Le Nozze di Figaro - The Marriage of Figaro

After performances of The Marriage of Figaro at the Théâtre-Italien in 1807, Mozart and Da Ponte’s first opera came back into fashion under the Second Empire, in a French version staged at the Théâtre-Lyrique, a rival of the Opera and the Opéra-Comique. The 1858 premiere was a triumph hailed by all the critics. The soprano Caroline Carvalho, the new queen of song, stood out in the role of Chérubin, alongside the baritone Auguste Meillet as a highly accomplished Figaro.
The work came into the Opéra-Comique’s repertoire in 1872, and was produced on numerous occasions well into the 20th century, each time in a revised version.
The Marriage of Figaro returned to the Paris Opera’s programme in 1973, after almost two centuries’ absence.
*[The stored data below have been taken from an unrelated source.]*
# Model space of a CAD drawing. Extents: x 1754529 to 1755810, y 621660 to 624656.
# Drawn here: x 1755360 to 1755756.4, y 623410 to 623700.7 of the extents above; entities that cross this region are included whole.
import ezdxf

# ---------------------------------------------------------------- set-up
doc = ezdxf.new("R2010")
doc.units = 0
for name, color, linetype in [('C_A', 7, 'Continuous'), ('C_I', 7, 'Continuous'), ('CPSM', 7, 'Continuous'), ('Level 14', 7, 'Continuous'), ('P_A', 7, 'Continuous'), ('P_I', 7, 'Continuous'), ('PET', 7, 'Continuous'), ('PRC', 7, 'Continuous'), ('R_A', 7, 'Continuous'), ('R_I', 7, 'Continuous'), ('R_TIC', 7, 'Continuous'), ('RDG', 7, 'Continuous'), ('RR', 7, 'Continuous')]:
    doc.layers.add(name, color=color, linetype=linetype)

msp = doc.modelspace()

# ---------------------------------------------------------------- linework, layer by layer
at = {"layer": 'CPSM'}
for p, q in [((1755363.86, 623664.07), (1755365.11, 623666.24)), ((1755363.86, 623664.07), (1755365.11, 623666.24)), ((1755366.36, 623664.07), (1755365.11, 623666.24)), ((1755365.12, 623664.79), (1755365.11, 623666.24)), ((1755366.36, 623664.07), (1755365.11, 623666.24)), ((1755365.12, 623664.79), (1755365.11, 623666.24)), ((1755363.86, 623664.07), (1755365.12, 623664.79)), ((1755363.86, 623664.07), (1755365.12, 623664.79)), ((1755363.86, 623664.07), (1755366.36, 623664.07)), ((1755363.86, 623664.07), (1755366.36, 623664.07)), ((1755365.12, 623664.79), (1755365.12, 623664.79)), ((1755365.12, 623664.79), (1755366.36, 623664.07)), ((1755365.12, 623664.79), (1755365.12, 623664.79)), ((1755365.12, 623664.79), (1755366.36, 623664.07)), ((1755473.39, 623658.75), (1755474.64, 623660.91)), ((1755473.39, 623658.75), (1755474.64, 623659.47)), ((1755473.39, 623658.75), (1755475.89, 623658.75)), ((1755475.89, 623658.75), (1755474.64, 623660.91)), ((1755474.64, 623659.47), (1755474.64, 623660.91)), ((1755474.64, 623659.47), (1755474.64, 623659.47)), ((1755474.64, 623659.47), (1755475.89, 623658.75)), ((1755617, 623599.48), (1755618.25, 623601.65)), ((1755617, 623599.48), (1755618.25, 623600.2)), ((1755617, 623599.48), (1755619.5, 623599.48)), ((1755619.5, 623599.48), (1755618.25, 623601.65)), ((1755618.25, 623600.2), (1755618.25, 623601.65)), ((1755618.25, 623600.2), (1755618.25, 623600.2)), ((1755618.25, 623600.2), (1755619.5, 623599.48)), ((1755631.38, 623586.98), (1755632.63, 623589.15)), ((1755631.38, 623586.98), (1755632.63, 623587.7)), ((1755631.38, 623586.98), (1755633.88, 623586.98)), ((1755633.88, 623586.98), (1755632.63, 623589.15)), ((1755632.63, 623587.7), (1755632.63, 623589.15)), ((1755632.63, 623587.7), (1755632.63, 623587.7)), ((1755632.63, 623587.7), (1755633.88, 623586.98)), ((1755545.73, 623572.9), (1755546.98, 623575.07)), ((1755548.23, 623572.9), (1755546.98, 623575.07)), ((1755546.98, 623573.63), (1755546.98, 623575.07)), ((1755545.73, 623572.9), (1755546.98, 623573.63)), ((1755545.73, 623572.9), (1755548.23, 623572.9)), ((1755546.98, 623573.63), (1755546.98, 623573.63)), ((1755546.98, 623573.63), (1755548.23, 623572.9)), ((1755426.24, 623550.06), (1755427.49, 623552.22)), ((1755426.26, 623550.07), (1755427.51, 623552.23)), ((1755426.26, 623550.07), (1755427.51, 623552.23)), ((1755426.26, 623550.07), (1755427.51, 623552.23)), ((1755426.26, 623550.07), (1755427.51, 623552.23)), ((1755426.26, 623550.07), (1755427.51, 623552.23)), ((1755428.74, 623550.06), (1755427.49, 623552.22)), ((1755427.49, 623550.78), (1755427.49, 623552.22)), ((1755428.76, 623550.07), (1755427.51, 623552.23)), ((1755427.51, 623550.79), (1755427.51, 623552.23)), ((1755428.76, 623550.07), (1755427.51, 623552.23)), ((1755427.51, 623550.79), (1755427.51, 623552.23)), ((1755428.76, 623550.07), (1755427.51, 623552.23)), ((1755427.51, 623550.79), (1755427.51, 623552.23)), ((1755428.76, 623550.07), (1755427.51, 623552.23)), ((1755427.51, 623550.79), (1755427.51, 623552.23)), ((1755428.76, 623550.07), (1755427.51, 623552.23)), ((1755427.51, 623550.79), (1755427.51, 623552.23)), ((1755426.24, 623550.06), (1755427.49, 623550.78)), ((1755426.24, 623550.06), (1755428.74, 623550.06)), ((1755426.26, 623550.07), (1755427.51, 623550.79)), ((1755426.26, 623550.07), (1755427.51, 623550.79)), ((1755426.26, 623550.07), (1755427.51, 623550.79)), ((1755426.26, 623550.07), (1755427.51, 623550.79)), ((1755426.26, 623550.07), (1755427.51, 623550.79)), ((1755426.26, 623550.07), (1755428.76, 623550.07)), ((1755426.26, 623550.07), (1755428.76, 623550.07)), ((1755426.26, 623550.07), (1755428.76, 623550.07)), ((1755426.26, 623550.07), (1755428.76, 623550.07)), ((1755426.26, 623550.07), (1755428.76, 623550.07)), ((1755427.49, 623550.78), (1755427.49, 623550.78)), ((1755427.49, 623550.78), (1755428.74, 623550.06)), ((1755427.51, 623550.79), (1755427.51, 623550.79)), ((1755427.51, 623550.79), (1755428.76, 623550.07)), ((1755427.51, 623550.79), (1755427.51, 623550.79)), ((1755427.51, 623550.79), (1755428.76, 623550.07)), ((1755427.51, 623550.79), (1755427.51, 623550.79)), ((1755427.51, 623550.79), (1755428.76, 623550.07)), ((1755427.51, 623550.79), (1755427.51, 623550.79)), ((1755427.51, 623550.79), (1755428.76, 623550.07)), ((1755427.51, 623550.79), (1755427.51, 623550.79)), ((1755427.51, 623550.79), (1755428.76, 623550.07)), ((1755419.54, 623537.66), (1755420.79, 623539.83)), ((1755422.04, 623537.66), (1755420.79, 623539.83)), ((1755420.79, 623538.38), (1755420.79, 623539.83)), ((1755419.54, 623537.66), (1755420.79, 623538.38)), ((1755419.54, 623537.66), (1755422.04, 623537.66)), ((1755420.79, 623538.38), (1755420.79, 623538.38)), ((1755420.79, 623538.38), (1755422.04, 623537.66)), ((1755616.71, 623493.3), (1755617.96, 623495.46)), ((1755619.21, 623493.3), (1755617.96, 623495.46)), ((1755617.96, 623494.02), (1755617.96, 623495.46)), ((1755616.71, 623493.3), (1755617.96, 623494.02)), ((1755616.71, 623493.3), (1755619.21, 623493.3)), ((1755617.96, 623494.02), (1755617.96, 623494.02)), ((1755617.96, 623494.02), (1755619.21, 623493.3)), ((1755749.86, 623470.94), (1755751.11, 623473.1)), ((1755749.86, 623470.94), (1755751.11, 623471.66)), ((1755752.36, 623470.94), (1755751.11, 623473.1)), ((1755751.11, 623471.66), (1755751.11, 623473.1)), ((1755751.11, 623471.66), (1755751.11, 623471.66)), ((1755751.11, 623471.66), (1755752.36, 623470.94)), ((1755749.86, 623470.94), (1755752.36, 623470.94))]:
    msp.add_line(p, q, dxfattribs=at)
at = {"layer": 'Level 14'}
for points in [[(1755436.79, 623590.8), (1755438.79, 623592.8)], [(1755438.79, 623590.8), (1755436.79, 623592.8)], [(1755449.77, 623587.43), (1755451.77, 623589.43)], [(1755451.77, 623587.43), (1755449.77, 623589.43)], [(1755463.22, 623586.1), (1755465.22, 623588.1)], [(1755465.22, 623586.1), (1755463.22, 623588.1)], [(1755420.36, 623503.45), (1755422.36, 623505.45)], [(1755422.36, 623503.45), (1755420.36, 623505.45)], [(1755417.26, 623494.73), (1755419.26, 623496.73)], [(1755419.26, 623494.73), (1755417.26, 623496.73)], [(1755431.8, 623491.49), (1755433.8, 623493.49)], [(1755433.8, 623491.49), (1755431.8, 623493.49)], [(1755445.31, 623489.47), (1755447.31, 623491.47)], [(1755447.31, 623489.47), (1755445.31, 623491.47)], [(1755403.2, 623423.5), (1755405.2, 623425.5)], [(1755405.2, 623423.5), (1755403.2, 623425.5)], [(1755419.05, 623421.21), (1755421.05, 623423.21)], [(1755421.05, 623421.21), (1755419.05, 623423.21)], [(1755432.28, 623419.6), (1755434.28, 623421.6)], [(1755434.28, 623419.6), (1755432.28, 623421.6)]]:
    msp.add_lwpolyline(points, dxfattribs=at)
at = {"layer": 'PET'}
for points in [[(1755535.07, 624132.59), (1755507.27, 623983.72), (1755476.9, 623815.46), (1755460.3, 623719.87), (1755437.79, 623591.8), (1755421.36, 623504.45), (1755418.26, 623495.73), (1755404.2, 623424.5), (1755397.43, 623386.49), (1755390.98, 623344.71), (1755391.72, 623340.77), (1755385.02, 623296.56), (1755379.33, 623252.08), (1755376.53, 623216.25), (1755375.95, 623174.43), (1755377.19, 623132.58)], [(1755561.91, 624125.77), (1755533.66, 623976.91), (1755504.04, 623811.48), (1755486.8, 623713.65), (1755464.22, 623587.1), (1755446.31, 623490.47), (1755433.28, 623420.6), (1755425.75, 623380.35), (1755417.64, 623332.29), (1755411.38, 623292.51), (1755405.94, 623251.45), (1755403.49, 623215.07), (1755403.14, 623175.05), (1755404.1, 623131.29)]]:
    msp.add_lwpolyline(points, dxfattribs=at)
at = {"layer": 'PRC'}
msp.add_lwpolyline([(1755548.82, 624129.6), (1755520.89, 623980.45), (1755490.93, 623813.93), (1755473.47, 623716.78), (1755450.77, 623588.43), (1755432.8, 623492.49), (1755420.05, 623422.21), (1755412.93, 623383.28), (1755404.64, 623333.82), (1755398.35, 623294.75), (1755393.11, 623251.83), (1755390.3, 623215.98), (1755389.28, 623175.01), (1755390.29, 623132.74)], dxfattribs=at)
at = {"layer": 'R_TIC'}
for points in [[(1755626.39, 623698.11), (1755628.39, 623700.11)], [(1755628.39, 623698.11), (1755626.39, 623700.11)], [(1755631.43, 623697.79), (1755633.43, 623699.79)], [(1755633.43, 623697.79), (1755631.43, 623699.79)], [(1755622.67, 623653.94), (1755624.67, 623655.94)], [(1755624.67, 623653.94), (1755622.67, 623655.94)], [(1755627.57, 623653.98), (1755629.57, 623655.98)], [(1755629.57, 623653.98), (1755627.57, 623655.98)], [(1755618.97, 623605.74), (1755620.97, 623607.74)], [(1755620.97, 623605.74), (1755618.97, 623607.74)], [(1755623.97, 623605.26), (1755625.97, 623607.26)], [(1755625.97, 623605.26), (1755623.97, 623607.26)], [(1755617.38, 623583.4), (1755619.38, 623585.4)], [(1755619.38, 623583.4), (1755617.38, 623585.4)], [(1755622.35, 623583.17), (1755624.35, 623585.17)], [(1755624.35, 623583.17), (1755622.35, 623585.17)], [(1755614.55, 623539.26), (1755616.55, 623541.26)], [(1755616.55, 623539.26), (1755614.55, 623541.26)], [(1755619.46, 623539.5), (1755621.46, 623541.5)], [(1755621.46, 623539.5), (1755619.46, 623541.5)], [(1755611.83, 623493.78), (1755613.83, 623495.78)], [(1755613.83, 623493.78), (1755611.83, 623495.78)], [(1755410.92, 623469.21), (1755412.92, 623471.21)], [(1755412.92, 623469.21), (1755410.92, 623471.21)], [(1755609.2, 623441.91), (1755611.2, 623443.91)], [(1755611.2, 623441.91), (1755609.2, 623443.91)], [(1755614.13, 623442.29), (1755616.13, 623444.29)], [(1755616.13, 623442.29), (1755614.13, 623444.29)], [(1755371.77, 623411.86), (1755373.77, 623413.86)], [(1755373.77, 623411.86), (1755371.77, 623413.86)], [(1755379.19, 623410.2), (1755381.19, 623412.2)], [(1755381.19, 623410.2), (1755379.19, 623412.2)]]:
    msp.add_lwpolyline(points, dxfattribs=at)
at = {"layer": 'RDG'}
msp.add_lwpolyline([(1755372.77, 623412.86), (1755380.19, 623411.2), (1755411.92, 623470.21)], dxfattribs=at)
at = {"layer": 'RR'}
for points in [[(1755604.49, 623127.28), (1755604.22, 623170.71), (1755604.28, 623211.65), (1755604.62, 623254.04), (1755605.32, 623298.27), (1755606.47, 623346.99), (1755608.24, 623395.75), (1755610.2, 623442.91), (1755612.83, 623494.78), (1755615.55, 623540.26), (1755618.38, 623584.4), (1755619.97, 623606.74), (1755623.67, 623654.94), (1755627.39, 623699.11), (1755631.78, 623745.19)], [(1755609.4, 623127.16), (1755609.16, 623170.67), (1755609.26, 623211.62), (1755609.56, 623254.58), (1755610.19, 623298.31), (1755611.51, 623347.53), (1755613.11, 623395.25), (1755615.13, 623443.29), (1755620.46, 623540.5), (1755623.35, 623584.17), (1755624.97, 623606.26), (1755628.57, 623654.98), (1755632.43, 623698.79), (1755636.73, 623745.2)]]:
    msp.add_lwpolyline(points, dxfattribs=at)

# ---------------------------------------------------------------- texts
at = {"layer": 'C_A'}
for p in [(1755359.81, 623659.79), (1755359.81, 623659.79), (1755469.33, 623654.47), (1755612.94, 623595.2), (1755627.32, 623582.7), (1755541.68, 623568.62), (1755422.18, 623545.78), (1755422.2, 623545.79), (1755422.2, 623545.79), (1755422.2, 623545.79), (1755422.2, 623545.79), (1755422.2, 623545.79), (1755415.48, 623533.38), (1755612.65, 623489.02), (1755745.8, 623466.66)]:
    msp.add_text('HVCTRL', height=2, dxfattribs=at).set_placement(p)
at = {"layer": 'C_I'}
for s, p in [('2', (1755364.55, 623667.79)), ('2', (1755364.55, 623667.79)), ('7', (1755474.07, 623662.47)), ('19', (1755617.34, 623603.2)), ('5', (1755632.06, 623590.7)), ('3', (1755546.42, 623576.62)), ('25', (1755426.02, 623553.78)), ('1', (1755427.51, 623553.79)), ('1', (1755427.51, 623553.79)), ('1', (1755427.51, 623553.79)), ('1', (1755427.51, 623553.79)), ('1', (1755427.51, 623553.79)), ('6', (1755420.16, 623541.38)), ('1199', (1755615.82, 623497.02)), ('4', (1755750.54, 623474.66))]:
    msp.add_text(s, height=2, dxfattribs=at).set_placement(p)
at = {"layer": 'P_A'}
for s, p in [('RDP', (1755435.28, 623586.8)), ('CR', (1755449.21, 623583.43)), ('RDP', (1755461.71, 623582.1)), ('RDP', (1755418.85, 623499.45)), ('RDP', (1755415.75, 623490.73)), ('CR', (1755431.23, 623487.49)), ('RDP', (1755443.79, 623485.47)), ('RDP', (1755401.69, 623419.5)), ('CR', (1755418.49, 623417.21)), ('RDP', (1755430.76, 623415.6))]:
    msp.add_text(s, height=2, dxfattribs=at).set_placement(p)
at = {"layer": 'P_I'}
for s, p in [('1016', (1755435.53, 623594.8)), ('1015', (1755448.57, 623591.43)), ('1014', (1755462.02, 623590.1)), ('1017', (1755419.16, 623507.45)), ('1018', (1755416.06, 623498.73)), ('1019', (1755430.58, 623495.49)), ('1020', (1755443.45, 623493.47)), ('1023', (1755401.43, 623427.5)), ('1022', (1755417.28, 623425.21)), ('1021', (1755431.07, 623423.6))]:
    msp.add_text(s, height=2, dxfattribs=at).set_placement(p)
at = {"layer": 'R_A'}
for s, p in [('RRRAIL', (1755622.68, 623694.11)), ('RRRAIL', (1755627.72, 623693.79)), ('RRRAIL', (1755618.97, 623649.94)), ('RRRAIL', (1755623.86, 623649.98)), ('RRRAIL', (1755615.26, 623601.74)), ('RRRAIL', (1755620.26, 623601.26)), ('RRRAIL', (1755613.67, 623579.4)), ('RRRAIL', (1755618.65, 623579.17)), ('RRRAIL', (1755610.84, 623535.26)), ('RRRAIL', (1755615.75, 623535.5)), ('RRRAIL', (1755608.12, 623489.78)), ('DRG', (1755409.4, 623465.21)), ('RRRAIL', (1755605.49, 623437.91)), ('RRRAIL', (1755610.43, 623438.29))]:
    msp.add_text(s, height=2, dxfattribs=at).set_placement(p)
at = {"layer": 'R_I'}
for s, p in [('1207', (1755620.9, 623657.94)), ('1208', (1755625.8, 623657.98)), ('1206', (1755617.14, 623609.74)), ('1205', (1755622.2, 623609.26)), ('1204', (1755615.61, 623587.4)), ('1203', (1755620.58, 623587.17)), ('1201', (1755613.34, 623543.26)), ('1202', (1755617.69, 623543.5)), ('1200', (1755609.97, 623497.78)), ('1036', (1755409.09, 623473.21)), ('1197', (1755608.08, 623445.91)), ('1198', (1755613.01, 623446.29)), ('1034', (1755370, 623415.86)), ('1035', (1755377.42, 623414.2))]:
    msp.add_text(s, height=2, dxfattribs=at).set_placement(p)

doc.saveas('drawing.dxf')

Dreaming of holding a “real Mozartian festival”, the new director Rolf Liebermann chose the work to inaugurate his appointment. Giorgio Strehler’s production, with scenery and costumes by Ezio Frigerio, delighted audiences, who continued to flock to it with every passing season.
In a little over 40 years, this now legendary production has become a model of musical and dramatic matchmaking. With 204 performances between 1973 and 2017, The Marriage of Figaro has been performed at the Paris Opera more times than any other work over the same period.

Così fan tutte

Of the three Mozart operas with librettos by Da Ponte, Così fan tutte was long the least popular in France. Its libretto was deemed ridiculous and highly improbable, nothing much more than a patchwork farce: how could the two noble heroines, Fiordiligi and Dorabella, possibly fail to recognise their lovers disguised as Albanians or let themselves be manipulated by their maid? It was to get round these plot holes that the Théâtre-Lyrique’s director Léon Carvalho called in Michel Carré and Jules Barbier (the Faust librettists) to write a new libretto based on Shakespeare’s comedy Love’s Labour’s Lost, whose French title, Peines d’amour perdues, was assigned to the work as performed in 1863. It made its way into the Opéra-Comique’s repertoire in 1920 and was first performed at the Paris Opera rather later, in 1974.
A work imbued with disillusion and disenchantment, Così is now one of the most commonly performed operas on French stages. Stage directors are drawn to it, as was Patrice Chéreau, who set the story on the bare stage of an Italian theatre with disintegrating walls (Aix-en-Provence, 2005), while the choreographer Anne Teresa De Keersmaeker set it in an empty white laboratory, highlighting the couples’ interactions as they break apart and come together again (Paris Opera, 2017).